## TASK REQUIREMENTS
Check each line of the entries below for the string "drawing"; copy every line where it appears.

## INPUT FOR THIS TASK
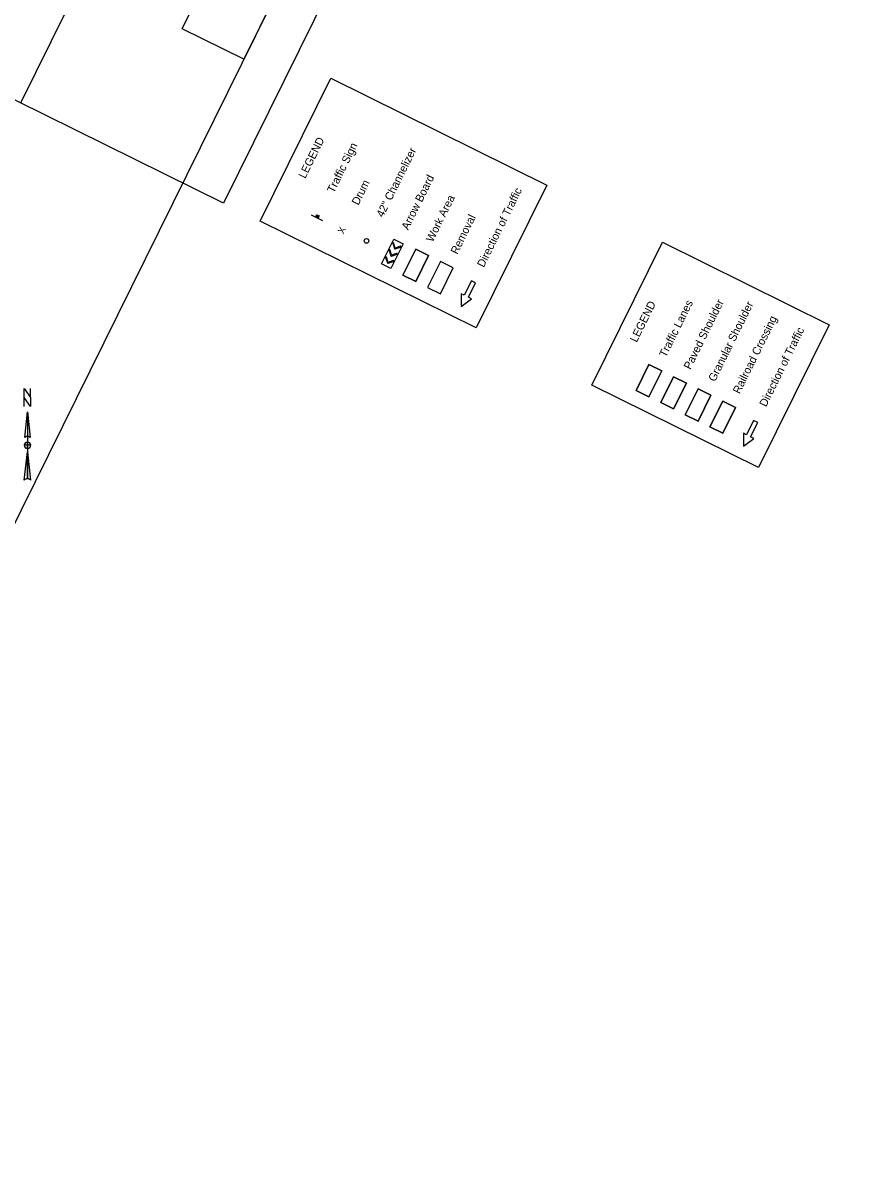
# Model space of a CAD drawing. Extents: x 14097936 to 14128734, y 8632000 to 8683104.
# Drawn here: x 14119318 to 14120232, y 8667428 to 8668694 of the extents above; entities that cross this region are included whole.
import ezdxf

# ---------------------------------------------------------------- set-up
doc = ezdxf.new("R2010")
doc.units = 0
for name, color, linetype in [('dsnCellsNorthArrow', 7, 'Continuous'), ('dsnNonPlotable', 7, 'Continuous'), ('dsnTextOverlapEven', 7, 'Continuous'), ('dsnTextOverlapOdd', 7, 'Continuous')]:
    doc.layers.add(name, color=color, linetype=linetype)

msp = doc.modelspace()

# ---------------------------------------------------------------- linework, layer by layer
at = {"layer": 'dsnCellsNorthArrow'}
for p, q in [((14119322.4, 8668269.2), (14119325.2, 8668241)), ((14119322.4, 8668269.2), (14119322.4, 8668196)), ((14119319.6, 8668241), (14119319.6, 8668241)), ((14119319.7, 8668241.3), (14119320.2, 8668241.9)), ((14119318.9, 8668194.6), (14119322.4, 8668225.6)), ((14119322.4, 8668229.1), (14119322.4, 8668229.1))]:
    msp.add_line(p, q, dxfattribs=at)
msp.add_lwpolyline([(14119325.9, 8668274.9), (14119318.9, 8668284.7), (14119318.9, 8668294.6), (14119325.9, 8668284.7)], close=True, dxfattribs=at)
for points in [[(14119318.9, 8668274.9), (14119318.9, 8668294.6), (14119325.9, 8668284.7), (14119325.9, 8668294.6)], [(14119319.6, 8668241), (14119322.4, 8668269.2), (14119322.4, 8668242.5)], [(14119322.4, 8668229.1), (14119322.4, 8668232.6), (14119318.9, 8668232.6)], [(14119325.9, 8668232.6), (14119322.4, 8668232.6), (14119322.4, 8668236.1)], [(14119322.4, 8668196), (14119322.4, 8668225.6), (14119325.9, 8668194.6)]]:
    msp.add_lwpolyline(points, dxfattribs=at)
for centre, radius, start, end in [((14119322.4, 8668232.6), 3.52, 90, 180), ((14119322.4, 8668232.6), 3.52, 180, 270), ((14119322.4, 8668238.9), 3.52, 90.0204, 143.1257), ((14119322.4, 8668238.9), 3.52, 36.8481, 90.0218), ((14119322.4, 8668232.6), 3.52, 0, 90), ((14119322.4, 8668232.6), 3.52, 270, 360), ((14119322.4, 8668190.9), 5.1, 89.9894, 133.619), ((14119322.4, 8668190.9), 5.11, 46.4021, 90.0006)]:
    msp.add_arc(centre, radius, start, end, dxfattribs=at)
at = {"layer": 'dsnNonPlotable'}
for points in [[(14118631.6, 8668945.1), (14119326.4, 8670350.2), (14120231.7, 8669902.6), (14119537, 8668497.5)], [(14119315.3, 8668607.1), (14120010, 8670012.2), (14119557.3, 8670236), (14118862.6, 8668830.9)], [(14118047.2, 8667875.9), (14118741.9, 8669281), (14119647.3, 8668833.4), (14118952.6, 8667428.2)]]:
    msp.add_lwpolyline(points, close=True, dxfattribs=at)
at = {"layer": 'dsnTextOverlapEven'}
for points in [[(14119647.3, 8668833.4), (14119559, 8668654.7), (14119491.8, 8668688), (14119580.1, 8668866.6)], [(14119491.8, 8668688), (14119580.1, 8668866.6), (14119647.3, 8668833.4), (14119559, 8668654.7)]]:
    msp.add_lwpolyline(points, close=True, dxfattribs=at)
at = {"layer": 'dsnTextOverlapOdd'}
for p, q in [((14119632.7, 8668484.5), (14119645, 8668478.4)), ((14119640.6, 8668482), (14119638.1, 8668483.2)), ((14119638.1, 8668483.1), (14119640.6, 8668481.9)), ((14119638.2, 8668483.4), (14119640.7, 8668482.1)), ((14119640.8, 8668482.3), (14119638.3, 8668483.6)), ((14119640.9, 8668482.6), (14119638.4, 8668483.8)), ((14119638.4, 8668483.7), (14119640.9, 8668482.5)), ((14119638.5, 8668484), (14119641, 8668482.8)), ((14119638.6, 8668484.3), (14119641.1, 8668483)), ((14119641.1, 8668482.9), (14119638.6, 8668484.1)), ((14119641.2, 8668483.1), (14119638.7, 8668484.4)), ((14119638.8, 8668484.5), (14119641.3, 8668483.3)), ((14119637.7, 8668482.4), (14119640.2, 8668481.2)), ((14119640.2, 8668481.1), (14119637.7, 8668482.3)), ((14119637.8, 8668482.7), (14119640.4, 8668481.4)), ((14119640.3, 8668481.3), (14119637.8, 8668482.6)), ((14119637.9, 8668482.9), (14119640.4, 8668481.6)), ((14119640.4, 8668481.5), (14119637.9, 8668482.8)), ((14119640.5, 8668481.8), (14119638, 8668483)), ((14119724.6, 8668447.4), (14119730.5, 8668449.4)), ((14119716.8, 8668431.6), (14119722.7, 8668433.6)), ((14119720.7, 8668439.5), (14119726.6, 8668441.5))]:
    msp.add_line(p, q, dxfattribs=at)
for points in [[(14119577.1, 8668477.7), (14119654.3, 8668634), (14119890.6, 8668517.2), (14119813.3, 8668360.9)], [(14119577.1, 8668477.7), (14119654.3, 8668634), (14119890.6, 8668517.2), (14119813.3, 8668360.9)], [(14119640.1, 8668480.9), (14119637.6, 8668482.2), (14119638.8, 8668484.7), (14119641.3, 8668483.5)], [(14119733.3, 8668452.9), (14119720, 8668426), (14119709.7, 8668431.1), (14119723, 8668458)], [(14119733.1, 8668418.6), (14119747.2, 8668447), (14119761.2, 8668440), (14119747.2, 8668411.7)], [(14119761.2, 8668440), (14119747.2, 8668447), (14119733.1, 8668418.6), (14119747.2, 8668411.7)], [(14119939.6, 8668298.4), (14120016.9, 8668454.7), (14120199.3, 8668364.5), (14120122, 8668208.2)], [(14119939.6, 8668298.4), (14120016.9, 8668454.7), (14120199.3, 8668364.5), (14120122, 8668208.2)], [(14119788.1, 8668426.7), (14119774, 8668433.7), (14119760, 8668405.3), (14119774.1, 8668398.4)], [(14119788.1, 8668426.7), (14119774, 8668433.7), (14119760, 8668405.3), (14119774.1, 8668398.4)], [(14119988.1, 8668292.6), (14120002.1, 8668320.9), (14120016.2, 8668313.9), (14120002.2, 8668285.6)], [(14120016.2, 8668313.9), (14120002.1, 8668320.9), (14119988.1, 8668292.6), (14120002.2, 8668285.6)], [(14120015, 8668279.3), (14120029, 8668307.6), (14120043.1, 8668300.6), (14120029.1, 8668272.3)], [(14120043.1, 8668300.6), (14120029, 8668307.6), (14120015, 8668279.3), (14120029.1, 8668272.3)], [(14120041.9, 8668266), (14120055.9, 8668294.3), (14120070, 8668287.3), (14120056, 8668259)], [(14120070, 8668287.3), (14120055.9, 8668294.3), (14120041.9, 8668266), (14120056, 8668259)], [(14120068.8, 8668252.7), (14120082.8, 8668281), (14120096.9, 8668274), (14120082.9, 8668245.7)], [(14120096.9, 8668274), (14120082.8, 8668281), (14120068.8, 8668252.7), (14120082.9, 8668245.7)]]:
    msp.add_lwpolyline(points, close=True, dxfattribs=at)
for points in [[(14119718, 8668445.7), (14119718, 8668445.7), (14119720, 8668439.8), (14119720, 8668439.8)], [(14119726.2, 8668442.5), (14119726.2, 8668442.5), (14119720.7, 8668440.4), (14119719, 8668446)], [(14119721.9, 8668453.6), (14119721.9, 8668453.6), (14119723.9, 8668447.7), (14119723.9, 8668447.7)], [(14119730.2, 8668450.4), (14119730.1, 8668450.4), (14119724.6, 8668448.3), (14119722.9, 8668453.9)], [(14119714.1, 8668437.9), (14119714.1, 8668437.8), (14119716.1, 8668432), (14119716.1, 8668431.9)], [(14119722.4, 8668434.6), (14119722.3, 8668434.6), (14119716.8, 8668432.6), (14119715.1, 8668438.2)], [(14119800.2, 8668396.7), (14119796.9, 8668398.4), (14119796.9, 8668384.4), (14119808.1, 8668392.9), (14119804.7, 8668394.5), (14119812.5, 8668410.2), (14119808, 8668412.4), (14119800.2, 8668396.7)], [(14120109, 8668244.1), (14120105.6, 8668245.8), (14120105.7, 8668231.8), (14120116.8, 8668240.2), (14120113.4, 8668241.9), (14120121.2, 8668257.6), (14120116.7, 8668259.8), (14120109, 8668244.1)]]:
    msp.add_lwpolyline(points, dxfattribs=at)
msp.add_circle((14119693.2, 8668456.1), 2.5, dxfattribs=at)
msp.add_circle((14119693.2, 8668456.1), 2.5, dxfattribs=at)
for centre, start, end in [((14119718.5, 8668445.9), 16.331, 197.4902), ((14119722.4, 8668453.8), 16.331, 197.4902), ((14119724.4, 8668447.9), 199.0813, 289.5296), ((14119730.3, 8668449.9), 288.4101, 108.5937), ((14119714.6, 8668438), 16.331, 197.4902), ((14119720.5, 8668440), 199.0813, 289.5296), ((14119722.5, 8668434.1), 288.4101, 108.5937), ((14119726.4, 8668442), 288.4101, 108.5937), ((14119716.6, 8668432.1), 199.0813, 289.5296)]:
    msp.add_arc(centre, 0.515, start, end, dxfattribs=at)

# ---------------------------------------------------------------- texts
for s, height, p in [('LEGEND', 8.75, (14119626.2, 8668523.7)), ('Traffic Sign', 8.75, (14119657.5, 8668507.8)), ('42" Channelizer ', 8.75, (14119711.3, 8668481.2)), ('Drum', 8.75, (14119684.4, 8668494.5)), ('Arrow Board', 8.75, (14119738.8, 8668467.4)), ('Direction of Traffic', 8.75, (14119821.5, 8668426.5)), ('Work Area', 8.75, (14119765.7, 8668454.1)), ('Removal', 8.75, (14119792.6, 8668440.8)), ('X', 7.5, (14119668, 8668463.2)), ('LEGEND', 8.75, (14119988.7, 8668344.5)), ('Traffic Lanes', 8.75, (14120020.7, 8668328.1)), ('Paved Shoulder', 8.75, (14120047.5, 8668314.8)), ('Granular Shoulder', 8.75, (14120074.4, 8668301.5)), ('Railroad Crossing', 8.75, (14120101.3, 8668288.2)), ('Direction of Traffic', 8.75, (14120130.3, 8668273.9))]:
    msp.add_text(s, height=height, rotation=63.6912, dxfattribs=at).set_placement(p)

doc.saveas('drawing.dxf')

## EXERCISE SOLUTION
# Model space of a CAD drawing. Extents: x 14097936 to 14128734, y 8632000 to 8683104.
doc.saveas('drawing.dxf')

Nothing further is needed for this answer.